#### ACTIVITY
Lines in the entries below where the word "Jewels" shows up should each be copied.

#### PROVIDED ENTRIES
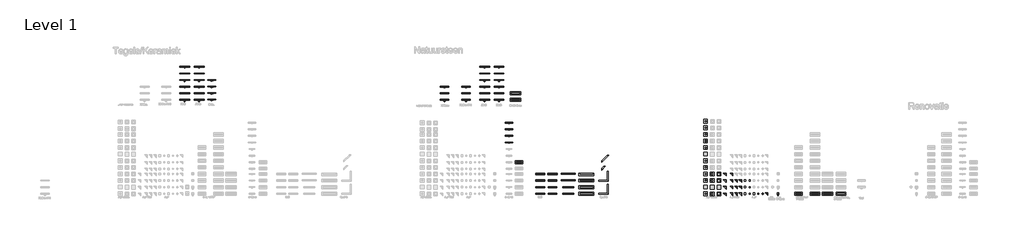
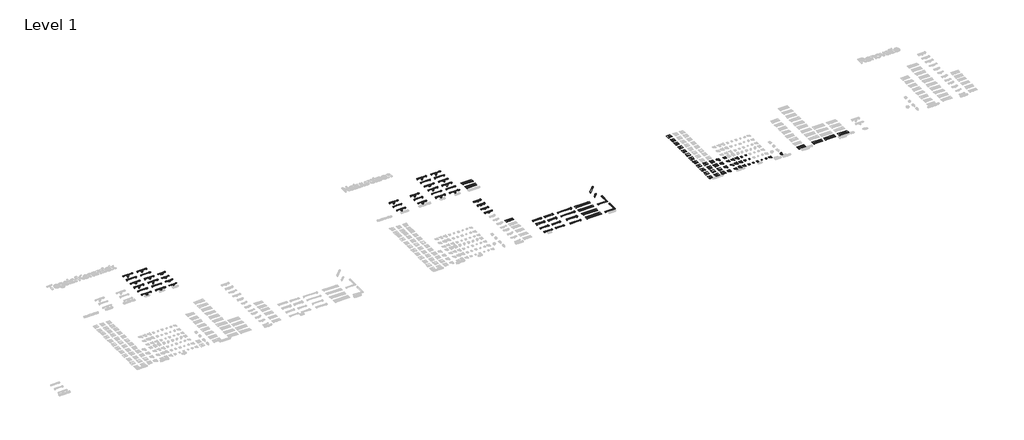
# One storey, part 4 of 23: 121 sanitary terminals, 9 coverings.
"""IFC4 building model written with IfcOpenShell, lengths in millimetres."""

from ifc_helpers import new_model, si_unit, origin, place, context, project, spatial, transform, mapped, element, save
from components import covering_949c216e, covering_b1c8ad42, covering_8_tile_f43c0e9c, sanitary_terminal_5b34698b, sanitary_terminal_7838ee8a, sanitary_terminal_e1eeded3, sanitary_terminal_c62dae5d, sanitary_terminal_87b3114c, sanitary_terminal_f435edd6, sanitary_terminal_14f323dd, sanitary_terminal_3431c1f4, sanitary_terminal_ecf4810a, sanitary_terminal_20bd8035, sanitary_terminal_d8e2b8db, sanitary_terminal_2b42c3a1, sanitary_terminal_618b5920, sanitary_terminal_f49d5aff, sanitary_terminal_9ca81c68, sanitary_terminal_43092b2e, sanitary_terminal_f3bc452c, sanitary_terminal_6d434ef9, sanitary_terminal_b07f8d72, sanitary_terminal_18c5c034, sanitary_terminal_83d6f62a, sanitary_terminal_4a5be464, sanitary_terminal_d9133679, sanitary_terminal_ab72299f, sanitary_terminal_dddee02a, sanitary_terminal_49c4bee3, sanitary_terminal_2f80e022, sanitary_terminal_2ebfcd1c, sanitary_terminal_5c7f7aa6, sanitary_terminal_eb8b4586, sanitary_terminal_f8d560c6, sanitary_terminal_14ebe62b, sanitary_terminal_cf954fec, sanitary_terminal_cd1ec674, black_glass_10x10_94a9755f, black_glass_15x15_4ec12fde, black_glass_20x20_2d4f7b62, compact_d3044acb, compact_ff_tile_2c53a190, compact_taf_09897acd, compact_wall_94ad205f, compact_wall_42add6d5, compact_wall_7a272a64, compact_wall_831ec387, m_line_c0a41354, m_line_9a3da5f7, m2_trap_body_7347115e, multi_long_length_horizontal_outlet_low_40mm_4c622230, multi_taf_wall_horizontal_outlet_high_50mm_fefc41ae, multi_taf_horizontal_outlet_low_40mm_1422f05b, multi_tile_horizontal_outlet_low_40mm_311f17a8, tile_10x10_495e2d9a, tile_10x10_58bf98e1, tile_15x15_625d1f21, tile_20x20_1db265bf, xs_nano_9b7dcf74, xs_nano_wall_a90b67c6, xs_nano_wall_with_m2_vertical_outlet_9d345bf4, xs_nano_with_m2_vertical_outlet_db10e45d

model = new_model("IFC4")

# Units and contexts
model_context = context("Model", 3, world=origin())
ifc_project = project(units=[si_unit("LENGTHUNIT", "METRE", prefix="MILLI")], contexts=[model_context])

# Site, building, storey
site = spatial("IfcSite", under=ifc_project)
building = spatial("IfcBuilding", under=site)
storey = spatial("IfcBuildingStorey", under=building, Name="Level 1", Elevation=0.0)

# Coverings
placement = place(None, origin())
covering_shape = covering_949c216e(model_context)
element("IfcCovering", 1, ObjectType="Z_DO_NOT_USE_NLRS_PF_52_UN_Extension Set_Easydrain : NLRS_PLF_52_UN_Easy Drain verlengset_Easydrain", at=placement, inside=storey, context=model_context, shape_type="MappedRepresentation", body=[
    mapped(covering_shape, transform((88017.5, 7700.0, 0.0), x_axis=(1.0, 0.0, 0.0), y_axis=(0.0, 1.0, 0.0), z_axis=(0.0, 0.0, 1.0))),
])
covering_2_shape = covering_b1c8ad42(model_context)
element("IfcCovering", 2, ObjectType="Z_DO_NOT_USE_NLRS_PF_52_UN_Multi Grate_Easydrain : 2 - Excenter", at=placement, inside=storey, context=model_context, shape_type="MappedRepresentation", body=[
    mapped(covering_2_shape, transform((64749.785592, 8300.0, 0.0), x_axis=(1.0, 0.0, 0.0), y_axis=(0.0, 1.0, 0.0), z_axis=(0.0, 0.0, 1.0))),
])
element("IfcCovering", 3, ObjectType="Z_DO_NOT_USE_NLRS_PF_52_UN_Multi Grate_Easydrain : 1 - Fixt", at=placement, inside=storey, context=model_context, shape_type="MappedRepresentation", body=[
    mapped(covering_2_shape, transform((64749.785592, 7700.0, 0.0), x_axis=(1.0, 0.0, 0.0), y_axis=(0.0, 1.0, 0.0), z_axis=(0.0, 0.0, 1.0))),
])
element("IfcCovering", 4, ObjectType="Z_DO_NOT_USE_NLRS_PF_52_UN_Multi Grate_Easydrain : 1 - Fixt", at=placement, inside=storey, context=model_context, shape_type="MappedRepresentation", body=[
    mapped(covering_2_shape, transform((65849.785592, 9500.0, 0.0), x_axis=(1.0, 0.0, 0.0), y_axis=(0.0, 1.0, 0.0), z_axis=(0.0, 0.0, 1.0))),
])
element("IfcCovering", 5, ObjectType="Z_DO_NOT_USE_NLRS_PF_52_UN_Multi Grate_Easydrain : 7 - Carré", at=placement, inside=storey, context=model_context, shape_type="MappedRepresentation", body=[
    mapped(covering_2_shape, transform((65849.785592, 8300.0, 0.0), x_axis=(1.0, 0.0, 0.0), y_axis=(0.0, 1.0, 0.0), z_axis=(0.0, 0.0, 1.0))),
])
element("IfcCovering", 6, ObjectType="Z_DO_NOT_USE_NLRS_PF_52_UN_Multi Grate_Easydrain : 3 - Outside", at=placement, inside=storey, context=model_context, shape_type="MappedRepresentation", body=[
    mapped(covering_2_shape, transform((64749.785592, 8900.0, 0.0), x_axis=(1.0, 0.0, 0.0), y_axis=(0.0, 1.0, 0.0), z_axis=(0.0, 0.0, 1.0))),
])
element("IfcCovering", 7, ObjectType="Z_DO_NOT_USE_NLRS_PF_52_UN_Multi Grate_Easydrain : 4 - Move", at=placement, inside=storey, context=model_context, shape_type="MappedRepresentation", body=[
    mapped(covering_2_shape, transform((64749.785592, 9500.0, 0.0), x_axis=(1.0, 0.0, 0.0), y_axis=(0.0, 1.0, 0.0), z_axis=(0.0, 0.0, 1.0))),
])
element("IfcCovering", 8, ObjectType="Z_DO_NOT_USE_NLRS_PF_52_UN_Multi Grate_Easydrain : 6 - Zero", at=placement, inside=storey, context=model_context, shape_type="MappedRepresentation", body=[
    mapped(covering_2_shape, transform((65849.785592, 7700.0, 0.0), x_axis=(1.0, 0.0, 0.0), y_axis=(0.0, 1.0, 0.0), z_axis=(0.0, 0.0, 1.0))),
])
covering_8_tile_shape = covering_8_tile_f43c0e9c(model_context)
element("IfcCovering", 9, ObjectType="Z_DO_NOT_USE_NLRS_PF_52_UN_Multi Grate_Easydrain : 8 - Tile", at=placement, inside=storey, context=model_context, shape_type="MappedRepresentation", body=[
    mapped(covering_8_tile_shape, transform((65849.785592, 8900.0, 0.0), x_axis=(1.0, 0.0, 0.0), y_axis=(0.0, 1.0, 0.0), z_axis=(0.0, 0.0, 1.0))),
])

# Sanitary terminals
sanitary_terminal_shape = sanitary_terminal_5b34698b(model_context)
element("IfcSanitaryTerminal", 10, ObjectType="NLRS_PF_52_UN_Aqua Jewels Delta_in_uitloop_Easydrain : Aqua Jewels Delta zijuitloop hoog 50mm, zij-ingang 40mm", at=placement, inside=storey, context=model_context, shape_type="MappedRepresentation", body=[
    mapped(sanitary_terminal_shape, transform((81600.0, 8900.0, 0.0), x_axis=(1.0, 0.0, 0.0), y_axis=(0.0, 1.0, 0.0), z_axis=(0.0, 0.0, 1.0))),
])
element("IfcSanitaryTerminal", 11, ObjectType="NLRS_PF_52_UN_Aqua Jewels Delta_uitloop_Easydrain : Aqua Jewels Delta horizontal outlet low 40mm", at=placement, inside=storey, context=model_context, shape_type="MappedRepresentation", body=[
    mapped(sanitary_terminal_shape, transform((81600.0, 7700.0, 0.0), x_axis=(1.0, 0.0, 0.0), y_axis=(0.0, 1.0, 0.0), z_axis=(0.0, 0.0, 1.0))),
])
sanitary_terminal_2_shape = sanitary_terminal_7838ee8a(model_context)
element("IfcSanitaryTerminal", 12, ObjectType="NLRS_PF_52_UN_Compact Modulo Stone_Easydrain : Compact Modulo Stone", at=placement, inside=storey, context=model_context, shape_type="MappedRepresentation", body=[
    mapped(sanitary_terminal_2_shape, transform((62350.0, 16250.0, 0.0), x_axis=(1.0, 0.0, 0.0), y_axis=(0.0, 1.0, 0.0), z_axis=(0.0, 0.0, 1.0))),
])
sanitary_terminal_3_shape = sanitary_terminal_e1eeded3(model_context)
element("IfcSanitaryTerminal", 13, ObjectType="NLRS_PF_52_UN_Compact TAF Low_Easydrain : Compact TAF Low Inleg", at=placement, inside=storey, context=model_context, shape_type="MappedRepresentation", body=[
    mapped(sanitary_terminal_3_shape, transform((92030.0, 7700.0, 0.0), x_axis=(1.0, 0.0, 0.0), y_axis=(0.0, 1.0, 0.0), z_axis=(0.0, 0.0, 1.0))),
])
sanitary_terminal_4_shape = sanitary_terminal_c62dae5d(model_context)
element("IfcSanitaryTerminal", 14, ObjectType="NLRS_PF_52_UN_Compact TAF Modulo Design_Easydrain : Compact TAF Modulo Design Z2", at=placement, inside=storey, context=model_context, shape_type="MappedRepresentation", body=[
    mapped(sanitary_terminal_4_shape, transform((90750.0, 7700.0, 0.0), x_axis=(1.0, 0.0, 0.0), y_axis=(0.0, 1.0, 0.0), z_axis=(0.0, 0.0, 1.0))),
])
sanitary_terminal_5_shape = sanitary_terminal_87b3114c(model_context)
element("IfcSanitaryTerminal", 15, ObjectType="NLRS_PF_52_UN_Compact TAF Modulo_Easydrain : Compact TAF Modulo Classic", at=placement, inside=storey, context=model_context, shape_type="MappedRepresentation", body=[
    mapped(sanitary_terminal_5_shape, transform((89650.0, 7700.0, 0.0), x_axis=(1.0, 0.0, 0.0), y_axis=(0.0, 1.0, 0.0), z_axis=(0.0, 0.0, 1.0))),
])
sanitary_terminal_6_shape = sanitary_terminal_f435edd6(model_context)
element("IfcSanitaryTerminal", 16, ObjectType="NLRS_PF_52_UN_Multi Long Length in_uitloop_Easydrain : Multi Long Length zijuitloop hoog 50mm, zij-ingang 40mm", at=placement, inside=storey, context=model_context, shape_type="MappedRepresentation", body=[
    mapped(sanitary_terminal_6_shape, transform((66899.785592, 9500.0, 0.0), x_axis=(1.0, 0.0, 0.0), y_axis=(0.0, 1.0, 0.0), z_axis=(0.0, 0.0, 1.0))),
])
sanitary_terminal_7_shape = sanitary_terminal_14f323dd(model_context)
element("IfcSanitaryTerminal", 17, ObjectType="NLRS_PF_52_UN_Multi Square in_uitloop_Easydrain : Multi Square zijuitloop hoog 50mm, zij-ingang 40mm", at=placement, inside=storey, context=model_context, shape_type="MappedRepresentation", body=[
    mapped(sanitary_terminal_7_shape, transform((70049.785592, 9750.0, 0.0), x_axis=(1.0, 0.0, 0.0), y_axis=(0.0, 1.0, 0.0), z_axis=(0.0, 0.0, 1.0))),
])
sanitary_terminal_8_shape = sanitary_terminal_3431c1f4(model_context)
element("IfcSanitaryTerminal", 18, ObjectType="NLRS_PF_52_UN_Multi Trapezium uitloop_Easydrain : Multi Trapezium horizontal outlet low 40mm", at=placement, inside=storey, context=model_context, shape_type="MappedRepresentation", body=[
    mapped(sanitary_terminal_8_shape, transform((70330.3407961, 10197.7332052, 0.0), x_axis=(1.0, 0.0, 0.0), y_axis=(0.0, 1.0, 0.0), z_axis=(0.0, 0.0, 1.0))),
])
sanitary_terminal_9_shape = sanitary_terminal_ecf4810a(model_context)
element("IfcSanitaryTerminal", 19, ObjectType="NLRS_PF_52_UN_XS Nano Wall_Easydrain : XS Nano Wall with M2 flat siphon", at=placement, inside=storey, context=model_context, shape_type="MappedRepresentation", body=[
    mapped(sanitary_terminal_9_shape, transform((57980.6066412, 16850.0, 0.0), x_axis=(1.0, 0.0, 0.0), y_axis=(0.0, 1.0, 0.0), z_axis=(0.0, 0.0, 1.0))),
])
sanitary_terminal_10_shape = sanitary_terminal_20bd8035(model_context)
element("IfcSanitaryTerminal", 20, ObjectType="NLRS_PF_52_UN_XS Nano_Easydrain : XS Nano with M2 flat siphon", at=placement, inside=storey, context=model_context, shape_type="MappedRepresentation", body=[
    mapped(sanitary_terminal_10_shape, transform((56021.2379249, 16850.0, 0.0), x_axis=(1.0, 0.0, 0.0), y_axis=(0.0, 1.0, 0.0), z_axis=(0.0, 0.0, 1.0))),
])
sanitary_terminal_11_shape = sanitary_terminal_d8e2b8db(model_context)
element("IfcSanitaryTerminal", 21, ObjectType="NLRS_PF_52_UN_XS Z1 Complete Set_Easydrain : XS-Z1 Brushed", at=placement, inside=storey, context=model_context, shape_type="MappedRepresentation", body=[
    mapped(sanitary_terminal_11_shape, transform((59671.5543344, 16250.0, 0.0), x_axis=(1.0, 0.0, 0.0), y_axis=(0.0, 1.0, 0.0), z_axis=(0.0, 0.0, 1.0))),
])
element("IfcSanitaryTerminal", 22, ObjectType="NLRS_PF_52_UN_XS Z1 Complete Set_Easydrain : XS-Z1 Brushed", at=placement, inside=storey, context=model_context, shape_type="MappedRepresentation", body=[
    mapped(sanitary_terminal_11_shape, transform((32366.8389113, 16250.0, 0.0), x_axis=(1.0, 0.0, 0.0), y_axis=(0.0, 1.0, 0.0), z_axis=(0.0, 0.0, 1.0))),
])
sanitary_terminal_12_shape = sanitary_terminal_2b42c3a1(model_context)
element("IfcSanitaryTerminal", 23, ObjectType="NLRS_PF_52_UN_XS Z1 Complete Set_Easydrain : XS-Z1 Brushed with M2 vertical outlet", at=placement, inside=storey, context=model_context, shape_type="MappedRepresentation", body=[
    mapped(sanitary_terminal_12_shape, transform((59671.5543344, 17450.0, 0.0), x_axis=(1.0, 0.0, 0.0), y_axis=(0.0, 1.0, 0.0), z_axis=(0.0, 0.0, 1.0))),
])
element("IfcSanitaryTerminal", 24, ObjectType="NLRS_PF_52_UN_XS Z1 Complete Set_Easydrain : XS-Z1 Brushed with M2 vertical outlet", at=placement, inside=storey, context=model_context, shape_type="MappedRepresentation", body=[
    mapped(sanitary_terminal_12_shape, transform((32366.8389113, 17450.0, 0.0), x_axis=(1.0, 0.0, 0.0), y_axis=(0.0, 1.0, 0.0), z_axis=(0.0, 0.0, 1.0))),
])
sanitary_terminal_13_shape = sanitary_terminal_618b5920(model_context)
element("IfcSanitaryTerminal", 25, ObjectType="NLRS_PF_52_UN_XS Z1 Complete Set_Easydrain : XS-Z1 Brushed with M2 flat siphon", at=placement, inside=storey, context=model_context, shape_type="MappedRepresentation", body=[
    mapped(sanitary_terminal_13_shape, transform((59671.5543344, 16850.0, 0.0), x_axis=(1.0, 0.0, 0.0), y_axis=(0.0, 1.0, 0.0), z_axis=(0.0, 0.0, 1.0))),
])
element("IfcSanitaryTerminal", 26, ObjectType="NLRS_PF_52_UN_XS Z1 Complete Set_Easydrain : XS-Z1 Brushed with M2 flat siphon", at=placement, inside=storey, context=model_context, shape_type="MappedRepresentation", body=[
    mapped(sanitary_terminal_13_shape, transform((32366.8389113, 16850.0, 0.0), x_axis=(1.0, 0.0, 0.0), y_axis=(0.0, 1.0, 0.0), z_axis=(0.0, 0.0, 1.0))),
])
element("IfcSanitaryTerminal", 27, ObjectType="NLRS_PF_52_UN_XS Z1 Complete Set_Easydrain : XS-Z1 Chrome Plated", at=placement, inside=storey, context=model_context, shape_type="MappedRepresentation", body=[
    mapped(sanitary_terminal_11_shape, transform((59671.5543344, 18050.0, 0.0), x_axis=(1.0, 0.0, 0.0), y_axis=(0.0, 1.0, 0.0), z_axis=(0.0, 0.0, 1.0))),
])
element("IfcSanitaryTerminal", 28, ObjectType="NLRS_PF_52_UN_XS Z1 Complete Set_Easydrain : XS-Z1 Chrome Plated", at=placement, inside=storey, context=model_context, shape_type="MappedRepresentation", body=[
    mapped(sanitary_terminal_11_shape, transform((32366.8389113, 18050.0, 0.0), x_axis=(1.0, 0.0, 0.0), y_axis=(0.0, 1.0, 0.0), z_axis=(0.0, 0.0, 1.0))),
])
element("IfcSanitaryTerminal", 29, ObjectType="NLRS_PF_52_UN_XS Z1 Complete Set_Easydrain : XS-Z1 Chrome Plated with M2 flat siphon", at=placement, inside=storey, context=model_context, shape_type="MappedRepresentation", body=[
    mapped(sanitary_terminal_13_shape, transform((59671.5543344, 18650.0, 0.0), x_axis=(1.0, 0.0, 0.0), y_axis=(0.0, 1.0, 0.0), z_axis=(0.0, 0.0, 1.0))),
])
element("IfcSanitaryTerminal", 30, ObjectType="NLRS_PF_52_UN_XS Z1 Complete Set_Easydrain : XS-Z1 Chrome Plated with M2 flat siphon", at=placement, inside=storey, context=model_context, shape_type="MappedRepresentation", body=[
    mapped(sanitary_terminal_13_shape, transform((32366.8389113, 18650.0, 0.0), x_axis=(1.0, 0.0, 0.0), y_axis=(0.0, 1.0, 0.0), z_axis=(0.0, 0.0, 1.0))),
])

#### RESULT OF THE TASK
element("IfcSanitaryTerminal", 10, ObjectType="NLRS_PF_52_UN_Aqua Jewels Delta_in_uitloop_Easydrain : Aqua Jewels Delta zijuitloop hoog 50mm, zij-ingang 40mm", at=placement, inside=storey, context=model_context, shape_type="MappedRepresentation", body=[
element("IfcSanitaryTerminal", 11, ObjectType="NLRS_PF_52_UN_Aqua Jewels Delta_uitloop_Easydrain : Aqua Jewels Delta horizontal outlet low 40mm", at=placement, inside=storey, context=model_context, shape_type="MappedRepresentation", body=[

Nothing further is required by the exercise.